Maybe I’ve just been a Calvinist too long, or (I’d like to think) I simply try to embrace everything scripture says regardless of whether or not I can easily make sense of it. But I don’t have any difficulty making this “jive” with anything else. Simply put, James tells me God does not tempt anyone to sin, and he doesn’t, and I take that seriously and believe it.
The basic Calvinist understanding is that what God has predestined and planned is entirely outside of our knowledge or experience, and that in his larger purposes, he has most certainly ordained and planned things, for his purposes, that are in fact contrary to his morals and directives.

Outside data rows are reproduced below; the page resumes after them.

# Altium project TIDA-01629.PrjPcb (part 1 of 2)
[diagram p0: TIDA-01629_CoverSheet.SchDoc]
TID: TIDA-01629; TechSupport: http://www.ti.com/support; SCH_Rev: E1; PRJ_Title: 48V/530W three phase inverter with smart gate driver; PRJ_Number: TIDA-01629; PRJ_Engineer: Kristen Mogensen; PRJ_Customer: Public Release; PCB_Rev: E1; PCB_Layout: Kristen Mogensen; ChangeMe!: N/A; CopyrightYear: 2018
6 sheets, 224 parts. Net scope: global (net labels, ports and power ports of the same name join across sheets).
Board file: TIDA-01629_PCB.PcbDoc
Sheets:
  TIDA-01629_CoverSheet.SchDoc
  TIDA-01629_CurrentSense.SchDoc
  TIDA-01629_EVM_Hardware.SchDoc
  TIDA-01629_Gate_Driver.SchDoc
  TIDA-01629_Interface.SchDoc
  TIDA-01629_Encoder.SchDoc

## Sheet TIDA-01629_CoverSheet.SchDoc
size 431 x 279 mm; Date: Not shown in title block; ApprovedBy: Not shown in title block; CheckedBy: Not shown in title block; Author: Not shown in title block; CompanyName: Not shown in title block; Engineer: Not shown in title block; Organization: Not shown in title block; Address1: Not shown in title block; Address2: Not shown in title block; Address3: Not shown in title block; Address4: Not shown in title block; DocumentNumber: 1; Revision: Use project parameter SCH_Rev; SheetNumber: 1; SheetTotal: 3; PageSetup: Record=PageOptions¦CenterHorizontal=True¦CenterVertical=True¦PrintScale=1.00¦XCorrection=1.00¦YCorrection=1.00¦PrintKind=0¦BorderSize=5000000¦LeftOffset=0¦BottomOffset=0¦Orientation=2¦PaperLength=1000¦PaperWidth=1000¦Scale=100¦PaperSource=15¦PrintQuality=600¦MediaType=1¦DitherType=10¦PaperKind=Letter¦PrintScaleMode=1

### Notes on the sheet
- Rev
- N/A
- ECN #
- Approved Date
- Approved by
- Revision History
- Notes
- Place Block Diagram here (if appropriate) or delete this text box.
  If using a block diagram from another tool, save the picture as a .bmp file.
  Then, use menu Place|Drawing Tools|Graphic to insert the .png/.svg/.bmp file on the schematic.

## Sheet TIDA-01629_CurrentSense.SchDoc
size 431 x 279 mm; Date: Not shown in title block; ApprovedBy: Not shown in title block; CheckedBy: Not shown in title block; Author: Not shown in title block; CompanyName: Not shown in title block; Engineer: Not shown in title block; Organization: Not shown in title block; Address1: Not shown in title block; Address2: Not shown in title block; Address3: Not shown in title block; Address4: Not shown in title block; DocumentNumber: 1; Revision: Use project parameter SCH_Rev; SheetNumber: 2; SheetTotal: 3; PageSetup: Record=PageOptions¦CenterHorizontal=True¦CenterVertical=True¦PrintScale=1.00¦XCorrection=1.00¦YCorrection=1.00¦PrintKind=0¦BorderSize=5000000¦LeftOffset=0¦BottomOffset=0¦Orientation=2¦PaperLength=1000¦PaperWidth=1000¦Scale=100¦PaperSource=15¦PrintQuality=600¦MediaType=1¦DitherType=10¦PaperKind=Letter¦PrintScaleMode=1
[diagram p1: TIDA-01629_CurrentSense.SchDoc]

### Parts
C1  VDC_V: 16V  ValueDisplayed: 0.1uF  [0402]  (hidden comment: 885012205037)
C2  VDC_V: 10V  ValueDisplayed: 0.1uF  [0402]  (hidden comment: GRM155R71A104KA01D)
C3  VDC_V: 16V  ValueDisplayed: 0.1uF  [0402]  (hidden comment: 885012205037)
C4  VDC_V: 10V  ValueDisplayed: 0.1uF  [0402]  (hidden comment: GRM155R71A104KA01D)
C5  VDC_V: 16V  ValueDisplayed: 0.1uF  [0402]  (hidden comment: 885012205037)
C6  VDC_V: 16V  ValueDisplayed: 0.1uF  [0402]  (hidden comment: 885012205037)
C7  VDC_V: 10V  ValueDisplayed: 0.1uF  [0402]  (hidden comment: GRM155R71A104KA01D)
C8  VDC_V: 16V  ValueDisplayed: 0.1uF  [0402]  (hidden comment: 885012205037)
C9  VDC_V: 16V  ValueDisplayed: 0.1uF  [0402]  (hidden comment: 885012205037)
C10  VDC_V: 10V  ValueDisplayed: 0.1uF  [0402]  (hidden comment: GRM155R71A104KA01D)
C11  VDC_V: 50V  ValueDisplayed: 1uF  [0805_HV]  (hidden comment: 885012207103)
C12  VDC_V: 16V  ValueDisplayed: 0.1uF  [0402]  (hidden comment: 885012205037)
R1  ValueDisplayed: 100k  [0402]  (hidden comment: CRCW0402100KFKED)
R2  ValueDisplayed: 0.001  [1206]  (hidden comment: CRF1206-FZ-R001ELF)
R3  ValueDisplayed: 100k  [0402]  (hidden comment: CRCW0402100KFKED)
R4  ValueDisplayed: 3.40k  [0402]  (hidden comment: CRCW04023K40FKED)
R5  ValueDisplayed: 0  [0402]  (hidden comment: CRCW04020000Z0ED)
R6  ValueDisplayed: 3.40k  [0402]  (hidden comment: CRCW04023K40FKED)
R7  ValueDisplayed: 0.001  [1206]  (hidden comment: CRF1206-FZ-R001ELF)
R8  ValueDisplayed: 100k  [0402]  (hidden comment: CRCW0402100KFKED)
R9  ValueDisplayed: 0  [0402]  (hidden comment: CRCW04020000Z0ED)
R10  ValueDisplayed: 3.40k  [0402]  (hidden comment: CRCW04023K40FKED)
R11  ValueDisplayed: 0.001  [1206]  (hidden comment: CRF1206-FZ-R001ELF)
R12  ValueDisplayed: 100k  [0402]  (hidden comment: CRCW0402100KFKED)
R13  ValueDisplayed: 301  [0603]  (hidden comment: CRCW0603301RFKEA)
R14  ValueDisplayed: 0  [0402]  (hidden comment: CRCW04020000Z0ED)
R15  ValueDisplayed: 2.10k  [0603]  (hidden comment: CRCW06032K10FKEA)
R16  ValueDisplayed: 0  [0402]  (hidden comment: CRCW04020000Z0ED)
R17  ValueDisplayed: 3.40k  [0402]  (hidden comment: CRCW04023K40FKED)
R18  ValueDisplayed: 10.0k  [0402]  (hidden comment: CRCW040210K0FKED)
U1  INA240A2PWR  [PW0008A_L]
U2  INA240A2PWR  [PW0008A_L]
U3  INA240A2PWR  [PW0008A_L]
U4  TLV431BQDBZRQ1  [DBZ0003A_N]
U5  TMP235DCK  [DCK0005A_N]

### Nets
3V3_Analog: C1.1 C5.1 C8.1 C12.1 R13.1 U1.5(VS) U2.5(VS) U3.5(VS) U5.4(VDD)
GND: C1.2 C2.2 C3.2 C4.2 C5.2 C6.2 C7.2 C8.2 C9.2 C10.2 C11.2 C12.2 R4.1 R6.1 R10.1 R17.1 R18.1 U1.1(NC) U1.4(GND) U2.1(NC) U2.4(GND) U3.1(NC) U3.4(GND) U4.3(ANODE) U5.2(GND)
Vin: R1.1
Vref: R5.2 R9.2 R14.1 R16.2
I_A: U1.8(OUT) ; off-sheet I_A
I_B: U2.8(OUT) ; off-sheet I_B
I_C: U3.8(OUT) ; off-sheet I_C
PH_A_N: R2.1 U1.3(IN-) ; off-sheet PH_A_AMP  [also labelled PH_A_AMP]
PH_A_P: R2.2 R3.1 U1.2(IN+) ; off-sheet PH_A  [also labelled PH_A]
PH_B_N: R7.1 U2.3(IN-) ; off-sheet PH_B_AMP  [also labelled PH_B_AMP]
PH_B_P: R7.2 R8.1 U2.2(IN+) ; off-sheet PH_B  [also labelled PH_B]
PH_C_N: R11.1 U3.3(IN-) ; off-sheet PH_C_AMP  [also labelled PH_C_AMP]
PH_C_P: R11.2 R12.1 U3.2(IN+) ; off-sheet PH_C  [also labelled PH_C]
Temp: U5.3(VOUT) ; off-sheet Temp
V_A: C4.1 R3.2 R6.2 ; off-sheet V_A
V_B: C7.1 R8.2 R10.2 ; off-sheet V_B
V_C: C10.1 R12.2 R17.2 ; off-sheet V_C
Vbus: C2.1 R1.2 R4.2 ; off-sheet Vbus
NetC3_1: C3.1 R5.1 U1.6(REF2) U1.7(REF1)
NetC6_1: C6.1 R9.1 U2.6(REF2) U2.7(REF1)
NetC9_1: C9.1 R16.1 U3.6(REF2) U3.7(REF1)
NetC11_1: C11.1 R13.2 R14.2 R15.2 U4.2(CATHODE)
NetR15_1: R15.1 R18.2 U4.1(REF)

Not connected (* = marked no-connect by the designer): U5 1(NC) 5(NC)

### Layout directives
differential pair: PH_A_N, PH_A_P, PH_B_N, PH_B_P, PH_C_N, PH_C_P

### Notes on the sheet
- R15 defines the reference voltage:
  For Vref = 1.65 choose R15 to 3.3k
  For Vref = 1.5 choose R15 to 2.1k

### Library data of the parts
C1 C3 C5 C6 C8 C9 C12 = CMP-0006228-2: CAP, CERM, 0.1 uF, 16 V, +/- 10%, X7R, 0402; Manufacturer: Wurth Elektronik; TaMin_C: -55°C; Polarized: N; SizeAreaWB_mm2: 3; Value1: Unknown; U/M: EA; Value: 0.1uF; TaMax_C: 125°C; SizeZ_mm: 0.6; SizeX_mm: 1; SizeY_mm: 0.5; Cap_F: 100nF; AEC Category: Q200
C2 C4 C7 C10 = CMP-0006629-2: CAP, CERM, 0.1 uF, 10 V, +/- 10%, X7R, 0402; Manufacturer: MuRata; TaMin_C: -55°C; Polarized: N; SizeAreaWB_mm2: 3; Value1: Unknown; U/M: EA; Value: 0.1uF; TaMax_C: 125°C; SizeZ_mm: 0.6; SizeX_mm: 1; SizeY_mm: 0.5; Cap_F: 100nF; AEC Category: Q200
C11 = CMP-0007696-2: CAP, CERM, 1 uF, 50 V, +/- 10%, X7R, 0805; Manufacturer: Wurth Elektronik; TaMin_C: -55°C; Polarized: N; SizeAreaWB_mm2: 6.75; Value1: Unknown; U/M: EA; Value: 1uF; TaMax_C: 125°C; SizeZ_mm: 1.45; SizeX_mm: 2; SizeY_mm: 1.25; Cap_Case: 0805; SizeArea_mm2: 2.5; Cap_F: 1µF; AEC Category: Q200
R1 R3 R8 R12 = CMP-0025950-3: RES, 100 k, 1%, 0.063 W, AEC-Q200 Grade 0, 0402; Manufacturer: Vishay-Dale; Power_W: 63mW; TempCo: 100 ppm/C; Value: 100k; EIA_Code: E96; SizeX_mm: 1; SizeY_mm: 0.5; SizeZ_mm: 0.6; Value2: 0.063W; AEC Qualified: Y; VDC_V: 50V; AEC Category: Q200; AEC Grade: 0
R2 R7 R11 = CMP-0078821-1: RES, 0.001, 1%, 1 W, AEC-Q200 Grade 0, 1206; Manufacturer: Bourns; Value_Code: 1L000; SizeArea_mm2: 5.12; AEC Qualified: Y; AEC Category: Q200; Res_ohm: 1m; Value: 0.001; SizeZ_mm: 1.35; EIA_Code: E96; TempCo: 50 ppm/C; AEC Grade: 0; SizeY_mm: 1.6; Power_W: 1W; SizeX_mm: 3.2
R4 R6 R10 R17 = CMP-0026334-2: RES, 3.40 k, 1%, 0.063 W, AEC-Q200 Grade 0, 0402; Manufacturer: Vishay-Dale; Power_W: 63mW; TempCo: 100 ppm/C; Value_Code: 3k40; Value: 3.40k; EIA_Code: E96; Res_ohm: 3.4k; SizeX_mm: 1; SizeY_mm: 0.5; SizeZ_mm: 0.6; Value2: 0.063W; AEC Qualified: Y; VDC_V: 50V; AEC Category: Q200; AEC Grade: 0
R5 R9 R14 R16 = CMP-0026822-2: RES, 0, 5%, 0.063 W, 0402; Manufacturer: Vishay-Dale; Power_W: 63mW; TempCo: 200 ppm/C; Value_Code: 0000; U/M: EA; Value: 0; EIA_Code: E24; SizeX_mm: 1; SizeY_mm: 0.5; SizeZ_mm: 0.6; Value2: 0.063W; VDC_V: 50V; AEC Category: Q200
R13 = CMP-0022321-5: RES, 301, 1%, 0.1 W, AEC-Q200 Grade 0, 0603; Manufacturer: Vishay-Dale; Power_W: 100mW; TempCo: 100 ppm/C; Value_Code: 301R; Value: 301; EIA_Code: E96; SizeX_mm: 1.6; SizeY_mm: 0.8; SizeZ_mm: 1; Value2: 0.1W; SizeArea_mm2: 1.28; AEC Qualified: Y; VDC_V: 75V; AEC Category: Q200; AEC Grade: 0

Judah and the brothers selling Joseph into slavery; Jesus being executed unjustly due to conspiracy, hatred, and jealousy, the brutal Assyrian conquest… these are my favorite three examples… these were things that wicked people did, freely, purely due to their own sinful and selfish choices. God wasn’t dangling some kind of temptation in front of them, directly inclining their hearts, or dragging them kicking and screaming against their will to do these wicked things. They did them utterly freely.
Simultaneously, in these three cases especially, the Bible describes God had planned them for such purposes, and intended their very actions in order to accomplish his purposes. This was simultaneously their destiny, their purpose, and what God had unerringly planned for them to accomplish.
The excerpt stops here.